The input to the network is one-hot encoded sequences where the vocabulary size is 50, then the input is encoded by a single fully connected layer with output size 32. The hidden units of LSTM are set to 64 for both encoder and decoder, as a common setting adopted in many previous works (Liu & Lee, 2017), and the number of layers is 1. The output size of the encoder is 64, and the output size of the decoder is equal to the vocabulary size (50). The subtree selector consists of two feed-forward layers with output sizes of 128 and 1 respectively. The model is trained with the ADAM optimizer with a learning rate of 1e-3. Rather than tuned on the validation set, this hyperparameter setting is determined by following the common setting in previous works ((Liu & Lee, 2017)) as well as referencing to the Halide vocabulary size. The same hyperparameter setting has been applied throughout this research project. Finetuning the hyperparameters is expected to have a minor effect on the performance as compared to reﬁning our major algorithm design, e.g. introducing subtree selector and ℓ2 embedding regularizer, which will be discussed in further details in the ablation studies in appendix C.

Published as a conference paper at ICLR 2020

Table 3: The vocabulary of the symbols and operators that are used to construct the traverse equivalence dataset.

Type Symbols Operators min, max, , , <, >, ==, !, =, select, +, -, *, /, &&, || Constants 0, 1, 2, True, False Variables v0, v1, ..., v14 Constant symbols c0, c1, ... c13

The penalty of not getting an equivalent expression, β (as in Eq. (8)), is set to 0.1. This is motivated by our observation that in the Monte Carlo sampling results the ratio of equivalent expressions over nonequivalent expressions is roughly 10:1 on a randomly initialized model. Therefore, by matching β to this ratio we can balance the reward and penalty and achieve an average reward of around zero, at least for the initial iterations, which is shown to contribute to a more stable REINFORCE training. However, please be reminded that β is not a crucial parameter because the baseline removal process in REINFORCE would automatically balance the reward and penalty. A good choice of β would mostly only beneﬁt the onset of the training when the baseline estimation is not yet accurate. The weight to embedding similarity loss term is set to 0.1.

A.4 TRAINING AND INFERENCE

As mentioned, the training for section 5.1 involves only the ﬁrst stage in the curriculum learning, whereas the training for section 5.2 involves both stages in the curriculum learning. Below are the details regarding the training and inference schemes.

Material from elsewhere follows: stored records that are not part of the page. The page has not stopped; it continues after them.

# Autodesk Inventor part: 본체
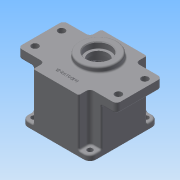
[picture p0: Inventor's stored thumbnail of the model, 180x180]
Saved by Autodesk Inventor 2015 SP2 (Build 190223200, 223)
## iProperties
Created: 2015-06
Part Number: 본체
Material: 일반
Document SubType Name: Modeling
Designer: AMC
Density: 1 g/cm^3
Appearance: 기본값
Author: AMC
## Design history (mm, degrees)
sketch "스케치1"
  geometry: L1 (-45, 45)-(45, 45); L2 (45, 45)-(45, -45); L3 (45, -45)-(-45, -45); L4 (-45, -45)-(-45, 45); 3 further points
  constraints: 8 end point, 2 midpoint, 2 parallel, 1 horizontal, 1 horizontal alignment, 1 perpendicular, 1 vertical alignment
  dimensions: "d6" = 90 distance of L2.end L3.end; "d7" = 90 distance of L3.end L1.start
extrude "돌출1" new body sketch "스케치1" distance "d8" = 7; taper "d9" = 0 deg
sketch "스케치11"
  geometry: L1 (-45, 45)-(-45, -45) reference; L2 (-45, 30)-(-45, -30); L3 (-45, -30)-(-30, -30); L4 (-30, -30)-(-30, -45); L5 (-45, -45)-(45, -45) reference; L6 (-30, -45)-(30, -45); L7 (30, -45)-(30, -30); L8 (30, -30)-(45, -30); L9 (45, -45)-(45, 45) reference; L10 (45, -30)-(45, 30); L11 (45, 30)-(30, 30); L12 (30, 30)-(30, 45); L13 (45, 45)-(-45, 45) reference; L14 (30, 45)-(-30, 45); L15 (-30, 45)-(-30, 30); L16 (-30, 30)-(-45, 30); 5 further points
  constraints: 24 end point, 13 point on line, 4 midpoint, 4 perpendicular, 3 horizontal alignment, 1 horizontal, 1 vertical alignment
  dimensions: "d47" = 60 distance between parallel lines of L3 L16; "d48" = 60 distance between parallel lines of L8 L11; "d49" = 60 distance between parallel lines of L12 L15
extrude "돌출9" join sketch "스케치11" distance "d50" = 51; taper "d51" = 0 deg
sketch "스케치12"
  geometry: L1 (-30, -45)-(-30, -30) reference; L2 (-30, -30)-(-45, -30) reference; L3 (-45, -30)-(-45, 30) reference; L4 (-45, 30)-(-30, 30) reference; L5 (-30, 30)-(-30, 45) reference; L6 (-30, 45)-(30, 45) reference; L7 (30, 45)-(30, 30) reference; L8 (30, 30)-(45, 30) reference; L9 (45, 30)-(45, -30) reference; L10 (45, -30)-(30, -30) reference; L11 (30, -30)-(30, -45) reference; L12 (30, -45)-(-30, -45) reference; L13 (-65, -30)-(65, -30); L14 (65, -30)-(65, 30); L15 (65, 30)-(-65, 30); L16 (-65, 30)-(-65, -30); L17 (-30, 45)-(30, 45); L18 (30, 45)-(30, -45); L19 (30, -45)-(-30, -45); L20 (-30, -45)-(-30, 45); 3 further points
  constraints: 16 end point, 4 parallel, 2 horizontal, 2 midpoint, 2 perpendicular, 1 horizontal alignment, 1 vertical alignment
  dimensions: "d52" = 130 distance of L13.start L13.end; "d53" = 60 distance of L15.end L13.start
  node "절단 모서리 투영5"
extrude "돌출10" join sketch "스케치12" distance "d54" = 12; taper "d55" = 0 deg
extrude "돌출11" join sketch "스케치12" distance "d56" = 12; taper "d57" = 0 deg
sketch "스케치13"
  geometry: C1 r 25 at (0, 11); 1 further point
  constraints: 1 centre point, 1 vertical alignment
  dimensions: "d58" = 50 diameter of C1; "d59" = 11 distance of point (0, 0) C1.centre
extrude "돌출12" join sketch "스케치13" distance "d60" = 7; taper "d61" = 0 deg
sketch "스케치14"
  geometry: L1 (36, 77)-(36, 70) reference; L2 (36, 70)-(45, 70) reference; L3 (45, 70)-(45, 0) reference; L4 (45, 0)-(-45, 0) reference; L5 (-45, 0)-(-45, 70) reference; L6 (-45, 70)-(-14, 70) reference; L7 (-14, 70)-(-14, 77) reference; L8 (-14, 77)-(36, 77) reference; L9 (36, 77)-(-14, 77) reference; L10 (11, 77)-(11, 54); L11 (11, 54)-(28.5, 54); L12 (28.5, 54)-(28.5, 64); L13 (28.5, 64)-(23.5, 64); L14 (23.5, 64)-(23.5, 69); L15 (23.5, 69)-(27, 69); L16 (27, 69)-(27, 77); L17 (27, 77)-(11, 77); 1 further point
  constraints: 16 end point, 6 perpendicular, 1 collinear, 1 midpoint, 1 point on line, 1 vertical
  dimensions: "d62" = 32 diameter of L16 L10; "d63" = 25 diameter of L14 L10; "d64" = 35 diameter of L12 L10; "d65" = 23 distance between parallel lines of L8 L11; "d66" = 8 distance between parallel lines of L17 L15; "d67" = 5 distance between parallel lines of L15 L13
revolve "회전2" sketch "스케치14" stored, may be unused: angle "d68" = 90 deg
sketch "스케치15"
  geometry: C1 r 40 at (0, 0); C2 r 39 at (0, 0); 1 further point
  constraints: 2 centre point, 2 coincident
  dimensions: "d69" = 80 diameter of C1; "d70" = 78 diameter of C2
extrude "돌출13" cut sketch "스케치15" distance "d71" = 61; taper "d72" = 0 deg
extrude "돌출14" cut sketch "스케치15" distance "d73" = 9; taper "d74" = 0 deg
sketch "스케치16"
  geometry: L1 (-65, 30)-(-30, 30) reference; L2 (-30, 30)-(-30, 45) reference; L3 (-30, 45)-(30, 45) reference; L4 (30, 45)-(30, 30) reference; L5 (30, 30)-(65, 30) reference; L6 (65, 30)-(65, -30) reference; L7 (65, -30)-(30, -30) reference; L8 (30, -45)-(-30, -45) reference; L9 (-30, -30)-(-65, -30) reference; L10 (-65, -30)-(-65, 30) reference; L11 (30, -30)-(30, -45) reference; L12 (-30, -45)-(-30, -30) reference; C1 r 20.5 at (0, 11); C2 r 39 at (0, 0) reference; C3 r 17.5 at (0, 11) reference; A1 r 14 centre (0, -20) between (-2.777, -6.278) and (2.777, -6.278); A2 r 17.5 centre (0, 11) between (2.777, -6.278) and (-2.777, -6.278); 1 further point
  constraints: 4 point on circle, 3 centre point, 2 vertical alignment, 1 coincident
  dimensions: "d77" = 11 distance of point (0, 0) C1.centre; "d78" = 20 distance of A1.centre point (0, 0); "d91" = 14 radius of A1; "d92" = 20.5 radius of C1; "d93" = 35 diameter of A2
extrude "돌출15" join sketch "스케치16" distance "d79" = 7; taper "d80" = 0 deg
sketch "스케치17"
  geometry: L1 (30, 30)-(45, 30) reference; L2 (45, 30)-(45, -30) reference; L3 (45, -30)-(30, -30) reference; L4 (30, -45)-(-30, -45) reference; L5 (-30, -30)-(-45, -30) reference; L6 (-45, -30)-(-45, 30) reference; L7 (-45, 30)-(-30, 30) reference; L8 (-30, 30)-(-30, 45) reference; L9 (-30, 45)-(30, 45) reference; L10 (30, 45)-(30, 30) reference; L11 (30, -30)-(30, -45) reference; L12 (-30, -45)-(-30, -30) reference; C1 r 17.5 at (0, 11) reference; C2 r 39 at (0, 0) reference; C3 r 11 at (0, -20); A1 r 20.5 centre (0, 11) between (7.402, -8.117) and (-7.402, -8.117) reference; A2 r 14 centre (0, -20) between (-7.402, -8.117) and (7.402, -8.117) reference; 2 further points
  constraints: 1 centre point, 1 coincident
  dimensions: "d90" = 22 diameter of C3
  node "절단 모서리 투영8"
extrude "돌출16" cut sketch "스케치17" distance "d95" = 7; taper "d96" = 0 deg
sketch "스케치18"
  geometry: L1 (-65, 50)-(-30, 50) reference; L2 (-30, 50)-(-30, 65) reference; L3 (-30, 65)-(30, 65) reference; L4 (30, 65)-(30, 50) reference; L5 (30, 50)-(65, 50) reference; L6 (65, 50)-(65, -10) reference; L7 (65, -10)-(30, -10) reference; L8 (30, -25)-(-30, -25) reference; L9 (-30, -10)-(-65, -10) reference; L10 (-65, -10)-(-65, 50) reference; L11 (30, -10)-(30, -25) reference; L12 (-30, -25)-(-30, -10) reference; C1 r 11 at (0, 0) reference; C2 r 39 at (0, 20) reference; C3 r 17.5 at (0, 31) reference; C4 r 9.5 at (0, 0); A1 r 20.5 centre (0, 31) between (7.402, 11.883) and (-7.402, 11.883) reference; A2 r 14 centre (0, 0) between (-7.402, 11.883) and (7.402, 11.883) reference; 1 further point
  constraints: 1 centre point, 1 coincident
  dimensions: "d97" = 19 diameter of C4
extrude "돌출17" cut sketch "스케치18" distance "d98" = 1; taper "d99" = 0 deg
sketch "스케치20"
  geometry: L1 (-65, 30)-(-30, 30) reference; L2 (-30, 30)-(-30, 45) reference; L3 (-30, 45)-(30, 45) reference; L4 (30, 45)-(30, 30) reference; L5 (30, 30)-(65, 30) reference; L6 (65, 30)-(65, -30) reference; L7 (65, -30)-(30, -30) reference; L8 (30, -45)-(-30, -45) reference; L9 (-30, -30)-(-65, -30) reference; L10 (-65, -30)-(-65, 30) reference; L11 (24.749, -24.749)-(0, 0); L12 (0, 0)-(29.346, 0); L13 (27.411, -21.763)-(30.401, -24.429); L14 (21.763, -27.411)-(24.789, -30.109); L15 (30, -30)-(30, -45) reference; L16 (-30, -45)-(-30, -30) reference; C1 r 9.5 at (0, -20) reference; C2 r 11 at (0, -20) reference; C3 r 17.5 at (0, 11) reference; A1 r 20.5 centre (0, 11) between (7.402, -8.117) and (-7.402, -8.117) reference; A2 r 14 centre (0, -20) between (-7.402, -8.117) and (7.402, -8.117) reference; A3 r 39 centre (0, 0) between (30.401, -24.429) and (24.789, -30.109) reference; A4 r 35 centre (0, 0) between (24.749, -24.749) and (27.411, -21.763); A5 r 4 centre (24.749, -24.749) between (27.411, -21.763) and (21.763, -27.411); 1 further point
  constraints: 8 end point, 7 point on circle, 2 centre point, 1 coincident, 1 horizontal, 1 parallel, 1 tangent
  dimensions: "d113" = 70 diameter of A4; "d114" = 8 diameter of A5; "d115" = 45 deg angle of L12 L11
extrude "돌출18" join sketch "스케치20" distance "d116" = 52; taper "d117" = 0 deg
hole "구멍2" diameter "d123" = 3.459; stored, may be unused: countersink angle "d127" = 90 deg, drill point angle "d129" = 118 deg; dims "d121" = 10, "d122" = 10, "d124" = 12, "d125" = 22, "d126" = 7, "d128" = 15
fillet "모깎기1" dims "d133" = 2
fillet "모깎기2" dims "d134" = 0.3
chamfer "모따기1" distance "d135" = 1; stored, may be unused: second distance "d136" = 2, angle "d137" = 45 deg
fillet "모깎기3" dims "d140" = 3
fillet "모깎기4" dims "d141" = 2
fillet "모깎기7" dims "d144" = 5
fillet "모깎기8" dims "d145" = 8
sketch "스케치22"
  geometry: L1 (30, 30)-(60, 30) reference; L2 (65, 25)-(65, -25) reference; L3 (-65, -25)-(-65, 25) reference; L4 (60, -30)-(30, -30) reference; L5 (30, -30)-(30, -45) reference; L6 (30, -45)-(-30, -45) reference; L7 (-30, -30)-(-60, -30) reference; L8 (-60, 30)-(-30, 30) reference; L9 (-30, 30)-(-30, 45) reference; L10 (-30, 45)-(30, 45) reference; L11 (30, 45)-(30, 30) reference; L12 (-30, -45)-(-30, -30) reference; L13 (-55, 17.5)-(-55, -17.5); L14 (55, 17.5)-(55, -17.5); C1 r 16 at (0, 11) reference; C2 r 27 at (0, 11) reference; C3 r 4.5 at (-55, 17.5); C4 r 4.5 at (-55, -17.5); C5 r 4.5 at (55, 17.5); C6 r 4.5 at (55, -17.5); A1 r 5 centre (60, 25) between (65, 25) and (60, 30) reference; A2 r 5 centre (60, -25) between (60, -30) and (65, -25) reference; A3 r 5 centre (-60, -25) between (-65, -25) and (-60, -30) reference; A4 r 5 centre (-60, 25) between (-60, 30) and (-65, 25) reference; 3 further points
  constraints: 4 centre point, 4 end point, 2 horizontal alignment, 2 midpoint, 2 vertical, 2 vertical alignment
  dimensions: "d160" = 9 diameter of C3; "d161" = 9 diameter of C4; "d162" = 35 distance of L13.end L13.start; "d163" = 10 distance from line of L13.start L3; "d164" = 9 diameter of C5; "d165" = 9 diameter of C6; "d166" = 35 distance of L14.end L14.start; "d167" = 10 distance from line of L14.start L2
  node "절단 모서리 투영13"
fillet "모깎기11" dims "d155" = 3.5
fillet "모깎기12" dims "d156" = 2
fillet "모깎기13" dims "d157" = 5
fillet "모깎기14" dims "d158" = 2
extrude "돌출19" cut sketch "스케치22" stored distance "d168" = 52; taper "d169" = 0 deg
sketch "스케치23"
  geometry: L1 (37, 43)-(32, 43) reference; L2 (43, 32)-(43, 37) reference; L3 (45, 28.536)-(45, -28.536) reference; L4 (43, -37)-(43, -32) reference; L5 (32, -43)-(37, -43) reference; L6 (28.536, -45)-(-28.536, -45) reference; L7 (-37, -43)-(-32, -43) reference; L8 (-43, -32)-(-43, -37) reference; L9 (-45, -28.536)-(-45, 28.536) reference; L10 (-43, 37)-(-43, 32) reference; L11 (-32, 43)-(-37, 43) reference; L12 (-28.536, 45)-(28.536, 45) reference; L13 (32, 35)-(32, 43) reference; L14 (43, 32)-(35, 32) reference; L15 (35, -32)-(43, -32) reference; L16 (32, -43)-(32, -35) reference; L17 (-32, -35)-(-32, -43) reference; L18 (-43, -32)-(-35, -32) reference; L19 (-35, 32)-(-43, 32) reference; L20 (-32, 43)-(-32, 35) reference; C1 r 40 at (0, 0) reference; C2 r 3.5 at (-37, 37); C3 r 3.5 at (-37, -37); C4 r 3.5 at (37, -37); C5 r 3.5 at (37, 37); A1 r 6 centre (37, 37) between (43, 37) and (37, 43) reference; A2 r 6 centre (37, -37) between (37, -43) and (43, -37) reference; A3 r 6 centre (-37, -37) between (-43, -37) and (-37, -43) reference; A4 r 6 centre (-37, 37) between (-37, 43) and (-43, 37) reference; A5 r 3 centre (35, 35) between (32, 35) and (35, 32) reference; A6 r 3 centre (35, -35) between (35, -32) and (32, -35) reference; A7 r 3 centre (-35, -35) between (-32, -35) and (-35, -32) reference; A8 r 3 centre (-35, 35) between (-35, 32) and (-32, 35) reference; 1 further point
  constraints: 4 centre point, 4 coincident, 8 other
  dimensions: "d170" = 7 diameter of C2; "d171" = 7 diameter of C3; "d172" = 7 diameter of C4; "d173" = 7 diameter of C5
extrude "돌출20" cut sketch "스케치23" stored distance "d174" = 52; taper "d175" = 0 deg
sketch "스케치24"
  geometry: L1 (-28, -45)-(28, -45) reference; 2 further points
  constraints: 1 vertical alignment, 1 other
  dimensions: "d176" = 15 distance from line of L1 point (0, -30)
feature "엠보싱1" sketch "스케치24" dims "d47" = 60, "d48" = 60, "d49" = 60, "d177" = 0.5, "d178" = 0
node "솔리드1"
pattern_circular "원형 패턴1" dims angle "d119" = 360 deg
pattern_circular "원형 패턴2" dims angle "d131" = 360 deg
node "절단 모서리 투영6"
node "절단 모서리 투영7"
node "절단 모서리 투영9"
node "절단 모서리 투영11"
node "절단 모서리 투영14"

Training Iterations For the stage-one training in both experiments, we apply an identical setting, where the encoder-decoder model is trained for 10 epochs (90,000 steps). The model with the highest hit rate on the validation set is selected for evaluation in section 5.1 as well as for the stagetwo training of the curriculum. The stage-two training takes two weeks to train the HISS for full simpliﬁcation pipeline on RTX 2080 for 40 epochs (400k steps).

Beam Search The beam search algorithm is performed as follows. In the beginning, the top k choices of the root node with the highest probability are decoded. Then for each choice of root node value, the next step would be to decode the top k choices of each child node of the root node. Since the decoding processes of different child nodes of the same parent node are independent, we then perform the Cartesian product of all the k choices for each node at the current step, and preserve the top k combinations with the highest probability. Repeating this way, at step t, beam search decodes k highest probability tree up to depth t. Finally, top s (s < k) expressions are backtracked and used to estimate the expected reward of the model. The probability of beam search decoded expression is re-normalized according to Bunel et al. (2018). In all the experiments, we set beam size k = 20 and s = 20.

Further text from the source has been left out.